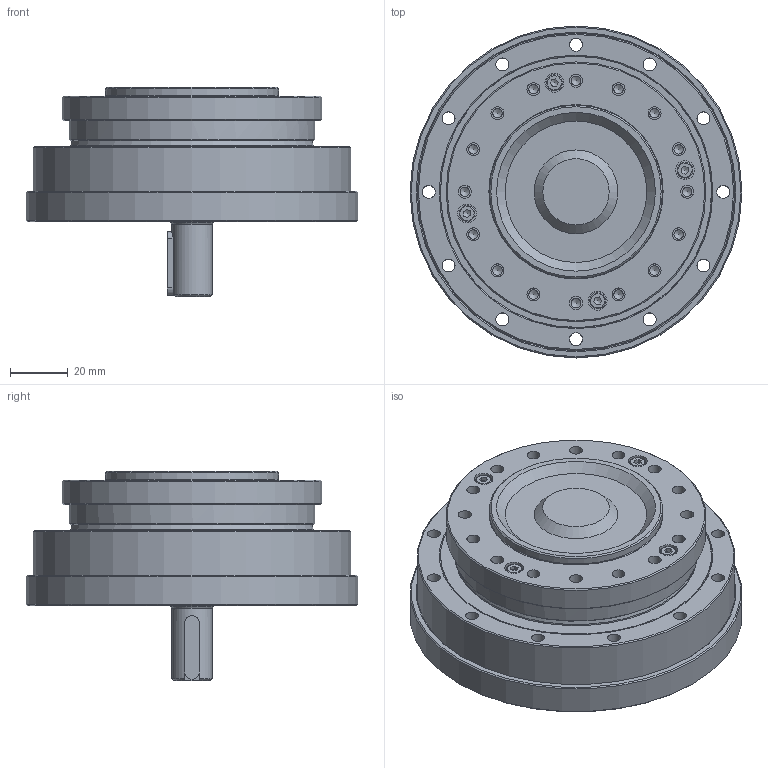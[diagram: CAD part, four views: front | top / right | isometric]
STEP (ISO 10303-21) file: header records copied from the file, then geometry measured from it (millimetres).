
FILE_DESCRIPTION(/* description */ (''),/* implementation_level */ '2;1');
FILE_NAME(/* name */ 'S:\TB00F\研發課二組\機密級\97.\X2\540C4EC151714EAB5340\X0\ (機密級)\H11\欣怡\2023專案追蹤\2.型錄\模型\\X2\5B987DB2\X0\3D檔(NEW)\DGH-AJ\DGH-25-XX-AJ.stp',/* time_stamp */ '2024-09-16T14:11:14+08:00',/* author */ ('bb1128.zheng'),/* organization */ (''),/* preprocessor_version */ 'ST-DEVELOPER v15.2',/* originating_system */ 'Autodesk Inventor 2014',/* authorisation */ '');
FILE_SCHEMA (('AUTOMOTIVE_DESIGN { 1 0 10303 214 3 1 1 }'));
Length unit declared in the file: centimetre
Products named in the file (1): DGH-25-XX-AJ
Bounding box: 115 x 115 x 72.5 mm (x, y, z)
Volume: 357574.6 mm3; surface area: 52905.2 mm2
Topology: 1 solids, 22 shells, 465 faces, 1007 edges, 658 vertices
Faces by surface type: plane 171, cylinder 145, cone 130, torus 19
Full cylindrical faces by diameter (mm): 2.459 x8, 3 x8, 3.242 x16, 3.5 x12, 4.134 x1, 4.5 x68, 5.5 x4, 5.7 x4, 6.5 x8, 14 x1, 15 x1, 60 x1, 84 x1, 85 x2, 90 x1, 93.5 x1, 93.6 x1, 94 x1, 110 x3, 115 x1
Entity records: 10159 total; most frequent: DIRECTION 1858, CARTESIAN_POINT 1670, ORIENTED_EDGE 1144, EDGE_LOOP 876, AXIS2_PLACEMENT_3D 872, EDGE_CURVE 572, VERTEX_POINT 514, FACE_BOUND 487

▶ **WORK ORDER**
Tally the lines of the entries that include the word "surface" and give only the total.

▶ **REPLY TO THE TASK**
2